* Source data:
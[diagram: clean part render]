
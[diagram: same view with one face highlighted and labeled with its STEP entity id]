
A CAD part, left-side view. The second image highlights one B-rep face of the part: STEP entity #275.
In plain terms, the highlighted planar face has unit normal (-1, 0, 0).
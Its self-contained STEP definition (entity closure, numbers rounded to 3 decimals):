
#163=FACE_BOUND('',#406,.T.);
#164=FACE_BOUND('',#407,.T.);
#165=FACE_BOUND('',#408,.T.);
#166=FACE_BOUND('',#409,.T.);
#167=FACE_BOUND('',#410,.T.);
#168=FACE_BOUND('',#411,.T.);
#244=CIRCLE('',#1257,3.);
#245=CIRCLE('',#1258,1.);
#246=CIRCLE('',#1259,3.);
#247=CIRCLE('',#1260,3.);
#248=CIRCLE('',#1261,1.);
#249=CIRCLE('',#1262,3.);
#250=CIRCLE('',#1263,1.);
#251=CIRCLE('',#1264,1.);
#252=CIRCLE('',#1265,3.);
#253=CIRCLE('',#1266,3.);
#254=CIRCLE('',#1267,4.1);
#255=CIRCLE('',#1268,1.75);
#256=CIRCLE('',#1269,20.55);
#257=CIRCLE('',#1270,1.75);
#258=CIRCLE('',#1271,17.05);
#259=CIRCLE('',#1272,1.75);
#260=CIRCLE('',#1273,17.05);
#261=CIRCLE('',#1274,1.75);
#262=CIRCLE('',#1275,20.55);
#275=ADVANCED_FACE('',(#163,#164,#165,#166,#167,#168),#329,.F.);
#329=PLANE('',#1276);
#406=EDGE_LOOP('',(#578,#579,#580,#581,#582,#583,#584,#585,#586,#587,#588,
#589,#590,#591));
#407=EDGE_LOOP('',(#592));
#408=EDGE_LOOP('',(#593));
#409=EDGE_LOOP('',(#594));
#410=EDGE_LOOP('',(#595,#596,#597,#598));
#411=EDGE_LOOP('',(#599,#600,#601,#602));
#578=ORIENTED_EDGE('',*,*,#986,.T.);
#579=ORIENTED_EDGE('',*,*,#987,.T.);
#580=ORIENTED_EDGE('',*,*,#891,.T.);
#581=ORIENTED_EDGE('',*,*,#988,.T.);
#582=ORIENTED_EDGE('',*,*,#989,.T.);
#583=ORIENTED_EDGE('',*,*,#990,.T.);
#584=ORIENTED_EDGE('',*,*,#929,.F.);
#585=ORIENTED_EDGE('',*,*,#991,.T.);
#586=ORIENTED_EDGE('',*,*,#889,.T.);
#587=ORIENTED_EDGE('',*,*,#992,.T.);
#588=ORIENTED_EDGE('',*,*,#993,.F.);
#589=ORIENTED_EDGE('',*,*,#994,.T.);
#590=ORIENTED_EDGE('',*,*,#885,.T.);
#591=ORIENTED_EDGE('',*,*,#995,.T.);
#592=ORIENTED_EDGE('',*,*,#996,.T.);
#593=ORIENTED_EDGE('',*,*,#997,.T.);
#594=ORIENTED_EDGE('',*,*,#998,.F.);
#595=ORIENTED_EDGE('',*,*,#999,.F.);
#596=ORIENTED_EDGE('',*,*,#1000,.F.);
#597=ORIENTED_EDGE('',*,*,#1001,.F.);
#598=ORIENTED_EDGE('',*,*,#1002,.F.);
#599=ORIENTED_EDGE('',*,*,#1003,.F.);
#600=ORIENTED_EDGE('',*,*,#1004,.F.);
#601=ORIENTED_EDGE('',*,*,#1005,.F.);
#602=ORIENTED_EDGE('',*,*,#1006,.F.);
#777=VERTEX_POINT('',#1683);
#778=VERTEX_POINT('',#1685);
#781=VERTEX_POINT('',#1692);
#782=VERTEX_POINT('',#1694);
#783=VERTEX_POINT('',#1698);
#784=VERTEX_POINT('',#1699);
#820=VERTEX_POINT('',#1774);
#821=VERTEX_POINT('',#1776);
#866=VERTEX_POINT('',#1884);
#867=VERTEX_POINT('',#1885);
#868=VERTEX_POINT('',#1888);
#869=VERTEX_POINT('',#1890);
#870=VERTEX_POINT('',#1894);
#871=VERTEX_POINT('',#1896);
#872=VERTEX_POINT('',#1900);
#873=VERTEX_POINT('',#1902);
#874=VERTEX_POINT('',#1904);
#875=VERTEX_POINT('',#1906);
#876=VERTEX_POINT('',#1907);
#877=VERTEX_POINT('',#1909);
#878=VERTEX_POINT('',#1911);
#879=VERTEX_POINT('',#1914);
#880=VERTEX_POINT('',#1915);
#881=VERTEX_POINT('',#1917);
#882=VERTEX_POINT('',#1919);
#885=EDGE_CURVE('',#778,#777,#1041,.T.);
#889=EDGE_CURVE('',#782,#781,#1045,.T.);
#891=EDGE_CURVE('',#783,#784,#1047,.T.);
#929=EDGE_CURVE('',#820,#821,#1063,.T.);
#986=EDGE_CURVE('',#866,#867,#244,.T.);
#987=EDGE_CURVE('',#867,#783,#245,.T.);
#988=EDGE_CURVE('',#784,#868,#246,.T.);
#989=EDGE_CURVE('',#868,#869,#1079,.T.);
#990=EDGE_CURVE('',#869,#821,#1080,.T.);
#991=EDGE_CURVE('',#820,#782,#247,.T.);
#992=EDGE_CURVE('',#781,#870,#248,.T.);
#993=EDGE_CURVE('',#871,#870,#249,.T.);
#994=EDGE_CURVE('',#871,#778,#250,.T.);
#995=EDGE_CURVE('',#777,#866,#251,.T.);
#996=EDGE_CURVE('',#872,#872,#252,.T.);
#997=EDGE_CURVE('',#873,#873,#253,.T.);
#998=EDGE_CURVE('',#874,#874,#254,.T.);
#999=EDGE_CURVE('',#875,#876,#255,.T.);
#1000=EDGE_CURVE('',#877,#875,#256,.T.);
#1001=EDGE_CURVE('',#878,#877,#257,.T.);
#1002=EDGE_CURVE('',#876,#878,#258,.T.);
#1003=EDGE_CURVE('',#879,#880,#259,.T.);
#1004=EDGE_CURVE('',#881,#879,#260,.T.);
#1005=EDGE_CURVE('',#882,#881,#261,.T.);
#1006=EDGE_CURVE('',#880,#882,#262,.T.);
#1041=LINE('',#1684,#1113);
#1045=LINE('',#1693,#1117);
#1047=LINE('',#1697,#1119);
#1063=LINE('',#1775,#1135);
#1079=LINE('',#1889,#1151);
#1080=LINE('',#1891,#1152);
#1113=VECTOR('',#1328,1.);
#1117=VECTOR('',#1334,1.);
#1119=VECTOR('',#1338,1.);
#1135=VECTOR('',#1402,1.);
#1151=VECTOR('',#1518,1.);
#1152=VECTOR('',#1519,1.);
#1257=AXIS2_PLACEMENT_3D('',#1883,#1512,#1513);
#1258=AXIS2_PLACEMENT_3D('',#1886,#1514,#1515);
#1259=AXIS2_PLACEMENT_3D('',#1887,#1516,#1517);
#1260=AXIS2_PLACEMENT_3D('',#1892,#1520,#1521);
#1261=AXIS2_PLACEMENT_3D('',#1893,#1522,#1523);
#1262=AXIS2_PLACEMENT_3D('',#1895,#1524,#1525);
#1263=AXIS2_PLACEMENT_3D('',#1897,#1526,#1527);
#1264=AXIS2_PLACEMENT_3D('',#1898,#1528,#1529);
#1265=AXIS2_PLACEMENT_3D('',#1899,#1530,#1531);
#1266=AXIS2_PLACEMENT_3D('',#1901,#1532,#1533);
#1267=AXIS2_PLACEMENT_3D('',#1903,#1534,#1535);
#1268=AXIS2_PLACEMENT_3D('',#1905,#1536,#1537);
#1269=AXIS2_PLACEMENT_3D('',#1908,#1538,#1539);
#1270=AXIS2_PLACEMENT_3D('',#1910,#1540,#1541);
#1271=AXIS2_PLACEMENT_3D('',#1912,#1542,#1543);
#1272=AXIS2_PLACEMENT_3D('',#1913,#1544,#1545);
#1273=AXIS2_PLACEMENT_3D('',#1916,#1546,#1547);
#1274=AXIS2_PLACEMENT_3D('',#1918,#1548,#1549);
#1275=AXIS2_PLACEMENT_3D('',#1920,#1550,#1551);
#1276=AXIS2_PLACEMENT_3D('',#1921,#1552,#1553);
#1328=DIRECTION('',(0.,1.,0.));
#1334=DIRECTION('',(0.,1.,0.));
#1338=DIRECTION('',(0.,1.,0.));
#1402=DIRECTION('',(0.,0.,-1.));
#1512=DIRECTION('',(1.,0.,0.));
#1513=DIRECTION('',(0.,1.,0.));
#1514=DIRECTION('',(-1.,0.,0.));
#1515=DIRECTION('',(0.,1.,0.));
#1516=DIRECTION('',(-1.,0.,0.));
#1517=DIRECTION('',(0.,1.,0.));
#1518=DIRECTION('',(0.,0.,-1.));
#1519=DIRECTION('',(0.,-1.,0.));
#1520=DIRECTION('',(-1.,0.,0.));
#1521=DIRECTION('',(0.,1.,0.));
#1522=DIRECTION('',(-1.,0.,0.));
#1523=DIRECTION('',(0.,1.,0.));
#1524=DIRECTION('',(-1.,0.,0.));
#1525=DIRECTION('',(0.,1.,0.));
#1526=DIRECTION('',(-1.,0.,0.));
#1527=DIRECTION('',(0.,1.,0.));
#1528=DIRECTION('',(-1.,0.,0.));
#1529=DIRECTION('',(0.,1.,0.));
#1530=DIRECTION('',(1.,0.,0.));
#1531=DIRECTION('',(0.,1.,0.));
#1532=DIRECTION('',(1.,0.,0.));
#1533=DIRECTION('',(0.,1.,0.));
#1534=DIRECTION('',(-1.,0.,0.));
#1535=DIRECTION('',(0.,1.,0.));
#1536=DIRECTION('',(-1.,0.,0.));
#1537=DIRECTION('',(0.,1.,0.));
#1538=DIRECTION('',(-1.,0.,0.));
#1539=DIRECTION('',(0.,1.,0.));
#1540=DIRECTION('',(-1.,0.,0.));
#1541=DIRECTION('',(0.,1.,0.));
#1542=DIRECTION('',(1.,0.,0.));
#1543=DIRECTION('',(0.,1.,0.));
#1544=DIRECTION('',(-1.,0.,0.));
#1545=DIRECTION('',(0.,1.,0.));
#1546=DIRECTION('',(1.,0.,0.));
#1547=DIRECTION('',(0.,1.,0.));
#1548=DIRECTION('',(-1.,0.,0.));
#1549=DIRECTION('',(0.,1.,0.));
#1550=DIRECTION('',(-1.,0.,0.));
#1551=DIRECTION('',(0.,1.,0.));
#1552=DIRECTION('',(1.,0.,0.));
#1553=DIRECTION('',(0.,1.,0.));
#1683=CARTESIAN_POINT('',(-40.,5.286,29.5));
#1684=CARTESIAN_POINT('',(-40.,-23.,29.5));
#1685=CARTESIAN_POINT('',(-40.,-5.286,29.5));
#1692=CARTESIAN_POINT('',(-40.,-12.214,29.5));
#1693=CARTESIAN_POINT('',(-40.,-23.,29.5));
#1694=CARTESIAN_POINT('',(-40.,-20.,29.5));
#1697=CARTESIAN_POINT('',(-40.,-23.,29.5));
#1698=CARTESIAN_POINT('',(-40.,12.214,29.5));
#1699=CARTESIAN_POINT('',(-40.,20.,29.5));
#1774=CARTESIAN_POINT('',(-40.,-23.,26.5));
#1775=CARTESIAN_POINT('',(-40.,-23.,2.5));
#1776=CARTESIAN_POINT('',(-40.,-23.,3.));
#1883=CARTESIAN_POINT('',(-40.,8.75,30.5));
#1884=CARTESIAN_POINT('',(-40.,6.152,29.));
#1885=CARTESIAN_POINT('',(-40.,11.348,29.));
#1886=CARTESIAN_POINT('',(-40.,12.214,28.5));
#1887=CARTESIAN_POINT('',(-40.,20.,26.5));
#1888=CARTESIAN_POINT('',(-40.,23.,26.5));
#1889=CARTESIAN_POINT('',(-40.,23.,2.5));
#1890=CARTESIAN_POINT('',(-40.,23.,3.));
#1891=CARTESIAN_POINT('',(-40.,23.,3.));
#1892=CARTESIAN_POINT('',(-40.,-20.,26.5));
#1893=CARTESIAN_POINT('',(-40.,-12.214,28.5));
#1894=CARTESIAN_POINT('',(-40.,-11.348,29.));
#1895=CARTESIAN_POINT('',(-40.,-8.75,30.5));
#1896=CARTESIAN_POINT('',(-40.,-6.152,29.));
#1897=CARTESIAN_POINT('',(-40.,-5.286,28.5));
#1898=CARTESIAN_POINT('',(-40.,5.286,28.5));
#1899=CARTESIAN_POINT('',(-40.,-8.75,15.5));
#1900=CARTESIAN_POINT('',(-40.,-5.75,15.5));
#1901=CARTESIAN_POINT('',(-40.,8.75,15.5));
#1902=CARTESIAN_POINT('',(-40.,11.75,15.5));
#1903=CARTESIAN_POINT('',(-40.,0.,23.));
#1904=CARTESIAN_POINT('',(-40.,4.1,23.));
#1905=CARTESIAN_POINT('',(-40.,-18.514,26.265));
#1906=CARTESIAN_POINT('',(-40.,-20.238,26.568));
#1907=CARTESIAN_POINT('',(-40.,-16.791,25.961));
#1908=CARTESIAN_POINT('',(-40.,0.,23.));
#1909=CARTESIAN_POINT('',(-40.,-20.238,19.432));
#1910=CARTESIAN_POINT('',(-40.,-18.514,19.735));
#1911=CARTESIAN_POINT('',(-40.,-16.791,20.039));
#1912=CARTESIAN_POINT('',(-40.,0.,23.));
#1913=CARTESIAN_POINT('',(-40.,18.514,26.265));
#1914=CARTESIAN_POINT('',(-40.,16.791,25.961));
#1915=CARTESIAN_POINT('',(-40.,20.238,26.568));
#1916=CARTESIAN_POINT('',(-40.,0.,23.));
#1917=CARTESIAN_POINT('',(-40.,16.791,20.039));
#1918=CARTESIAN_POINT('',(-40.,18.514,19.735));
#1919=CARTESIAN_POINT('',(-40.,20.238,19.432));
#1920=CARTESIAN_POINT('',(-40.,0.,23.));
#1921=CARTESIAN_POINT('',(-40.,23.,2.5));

* What to produce: Beginning with the first line of the entries, repeat each line exactly until you have reproduced the one containing "#583=ORIENTED_EDGE('',*,*,#990,.T.);", and add nothing further.

* Answer area:
[diagram: clean part render]
[diagram: same view with one face highlighted and labeled with its STEP entity id]
A CAD part, left-side view. The second image highlights one B-rep face of the part: STEP entity #275.
In plain terms, the highlighted planar face has unit normal (-1, 0, 0).
Its self-contained STEP definition (entity closure, numbers rounded to 3 decimals):
#163=FACE_BOUND('',#406,.T.);
#164=FACE_BOUND('',#407,.T.);
#165=FACE_BOUND('',#408,.T.);
#166=FACE_BOUND('',#409,.T.);
#167=FACE_BOUND('',#410,.T.);
#168=FACE_BOUND('',#411,.T.);
#244=CIRCLE('',#1257,3.);
#245=CIRCLE('',#1258,1.);
#246=CIRCLE('',#1259,3.);
#247=CIRCLE('',#1260,3.);
#248=CIRCLE('',#1261,1.);
#249=CIRCLE('',#1262,3.);
#250=CIRCLE('',#1263,1.);
#251=CIRCLE('',#1264,1.);
#252=CIRCLE('',#1265,3.);
#253=CIRCLE('',#1266,3.);
#254=CIRCLE('',#1267,4.1);
#255=CIRCLE('',#1268,1.75);
#256=CIRCLE('',#1269,20.55);
#257=CIRCLE('',#1270,1.75);
#258=CIRCLE('',#1271,17.05);
#259=CIRCLE('',#1272,1.75);
#260=CIRCLE('',#1273,17.05);
#261=CIRCLE('',#1274,1.75);
#262=CIRCLE('',#1275,20.55);
#275=ADVANCED_FACE('',(#163,#164,#165,#166,#167,#168),#329,.F.);
#329=PLANE('',#1276);
#406=EDGE_LOOP('',(#578,#579,#580,#581,#582,#583,#584,#585,#586,#587,#588,
#589,#590,#591));
#407=EDGE_LOOP('',(#592));
#408=EDGE_LOOP('',(#593));
#409=EDGE_LOOP('',(#594));
#410=EDGE_LOOP('',(#595,#596,#597,#598));
#411=EDGE_LOOP('',(#599,#600,#601,#602));
#578=ORIENTED_EDGE('',*,*,#986,.T.);
#579=ORIENTED_EDGE('',*,*,#987,.T.);
#580=ORIENTED_EDGE('',*,*,#891,.T.);
#581=ORIENTED_EDGE('',*,*,#988,.T.);
#582=ORIENTED_EDGE('',*,*,#989,.T.);
#583=ORIENTED_EDGE('',*,*,#990,.T.);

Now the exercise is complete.